Der angedachte Fonds soll kriselnden Euro-Ländern unabhängig von der Europäischen Zentralbank (EZB) Hilfen anbieten, diese aber mit strengen Bedingungen verknüpfen. Es sollen Sicherheiten hinterlegt werden können, etwa Goldreserven oder Anteile von Staatsunternehmen. Der Fonds soll Anleihen platzieren können, und die Euro-Länder würden mit Bürgschaften haften. Vergangene Woche hatte sich der EU-Gipfel darauf verständigt, auch für die Zeit nach 2013 einen Rettungsfonds bereitzustellen. Einzelheiten des Krisenmechanismus sollen bis März beschlossen werden – das BMF-Papier ist eine Überlegung in diesem Kontext. Offen blieb bisher, um wie viel Geld es gehen soll. Derzeit können EU und Internationaler Währungsfonds Kredite von bis zu 750 Milliarden Euro mobilisieren. Trotzdem wird an den Finanzmärkten immer wieder gegen den Euro spekuliert.

Frankreich forciert unterdessen offenbar wieder stärker die Idee einer eigenen Wirtschaftsregierung für die EU. Die französische Finanzministerin Christine Lagarde hatte dem „Wall Street Journal“ vor einer Woche gesagt, es sei ein „allzu beliebtes Spiel“, Brüssel und die nationalen Parlamente gegeneinander auszuspielen. „Wir sind Brüssel. Also muss das aufhören.“ Die Geschichte der Vereinigten Staaten von Amerika zitierte sie als Vorbild für den notwendigen Einigungsprozess.

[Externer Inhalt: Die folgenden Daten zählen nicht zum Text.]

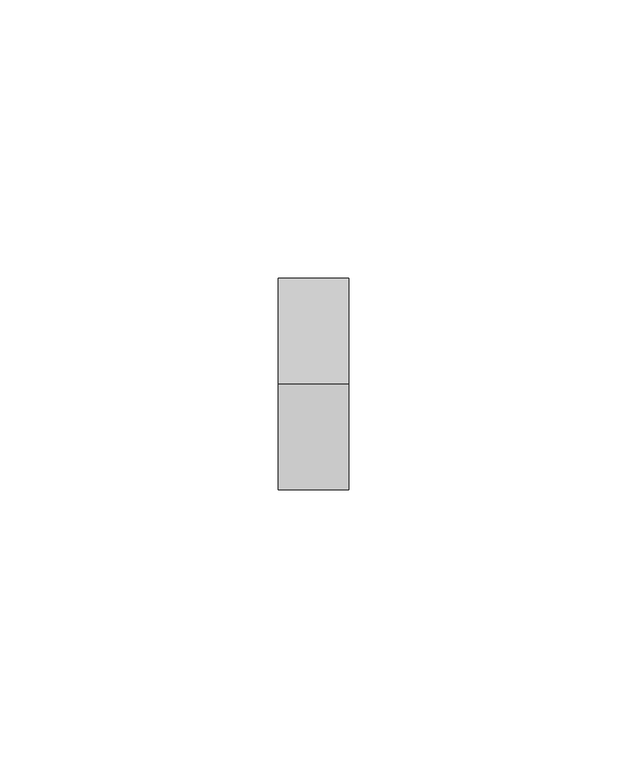
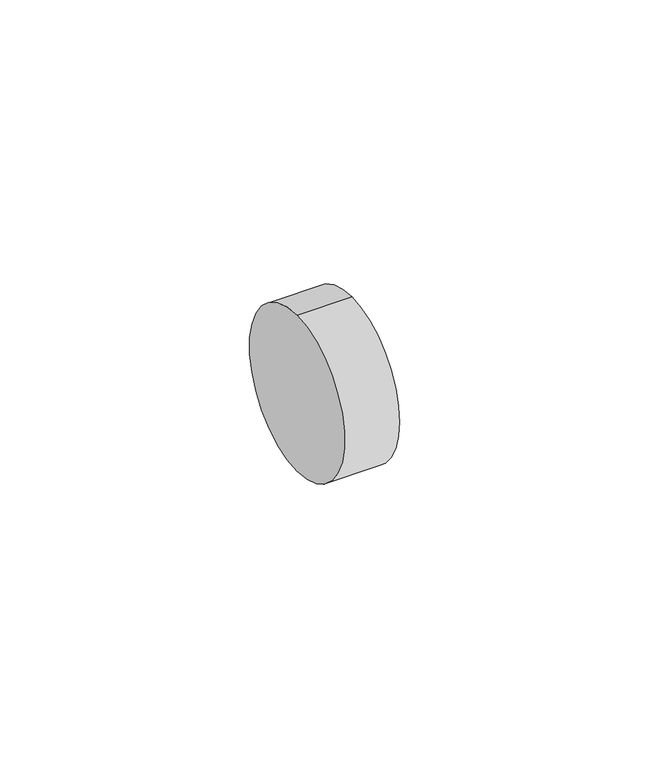
"""IFC4 building model written with IfcOpenShell, lengths in millimetres: proxy geometry, Bolt19:Bolt002:304680 : Bolt19:Bolt002:304680."""

from ifc_helpers import new_model, si_unit, point, frame, frame_2d, origin, place, context, project, spatial, circle_curve, trimmed, segment, composite_curve, outline, extrude, source, transform, mapped, element, save


def generic_models_50c658bf(model_context):
    return source(origin(), model_context, "Body", "SweptSolid", [
        extrude(outline(composite_curve([segment(trimmed(circle_curve(frame_2d((2174.9207483, 40070.0545241)), 19.05), [point((2174.9207483, 40051.0045241))], [point((2174.9207483, 40089.1045241))], False, "CARTESIAN"), True, "CONTINUOUS"), segment(trimmed(circle_curve(frame_2d((2174.9207483, 40070.0545241)), 19.05), [point((2174.9207483, 40089.1045241))], [point((2174.9207483, 40051.0045241))], False, "CARTESIAN"), True, "CONTINUOUS")], self_intersect=False)), frame((15074.8475949, 0.0, 0.0), z_axis=(1.0, 0.0, 0.0), x_axis=(0.0, 1.0, 0.0)), (0.0, 0.0, 1.0), 12.7),
    ])


if __name__ == "__main__":
    model = new_model("IFC4")
    model_context = context("Model", 3, world=origin())
    ifc_project = project(units=[si_unit("LENGTHUNIT", "METRE", prefix="MILLI")], contexts=[model_context])
    site = spatial("IfcSite", under=ifc_project)
    building = spatial("IfcBuilding", under=site)
    placement = place(None, origin())
    generic_models_shape = generic_models_50c658bf(model_context)
    element("IfcBuildingElementProxy", 1, Name="Bolt19:Bolt002:304680 : Bolt19:Bolt002:304680", ObjectType="Bolt19:Bolt002:304680 : Bolt19:Bolt002:304680", at=placement, inside=building, context=model_context, shape_type="MappedRepresentation", body=[
        mapped(generic_models_shape, transform((0.0, 0.0, 0.0), x_axis=(1.0, 0.0, 0.0), y_axis=(0.0, 1.0, 0.0), z_axis=(0.0, 0.0, 1.0))),
    ])
    save(model, "model.ifc")

# Revit data of these elements
# Type "Bolt19:Bolt002:304680 : Bolt19:Bolt002:304680"
#   NameOverride = "Bolt19:Bolt002:304680"
#   ObjectTypeOverride = "Bolt19:Bolt002"
#   Reference = "Bolt002"
#   Category = "Generic Models"
#   Tag = "304680"
# Element 1 (IfcBuildingElementProxy, "Bolt19:Bolt002:304680 : Bolt19:Bolt002:304680")
#   Materials on its faces: "TUBE STEEL STRINGER WELDED TO ANCHORED STEEL PLATE - SEE STRUCT DWGS"
# Materials
#   "TUBE STEEL STRINGER WELDED TO ANCHORED STEEL PLATE - SEE STRUCT DWGS": class "Unassigned", colour RGB 128 128 128, transparency 0, Cost = 0

Finanzminister Wolfgang Schäuble (CDU) und Lagarde wollten sich am Donnerstag bei einem Treffen in Straßburg abstimmen. Im Sommer war der Eindruck entstanden, Bundeskanzlerin Angela Merkel (CDU) habe die französische Idee einer europäischen Wirtschaftsregierung in einem Gespräch mit Präsident Nicolas Sarkozy weitgehend entkräften können.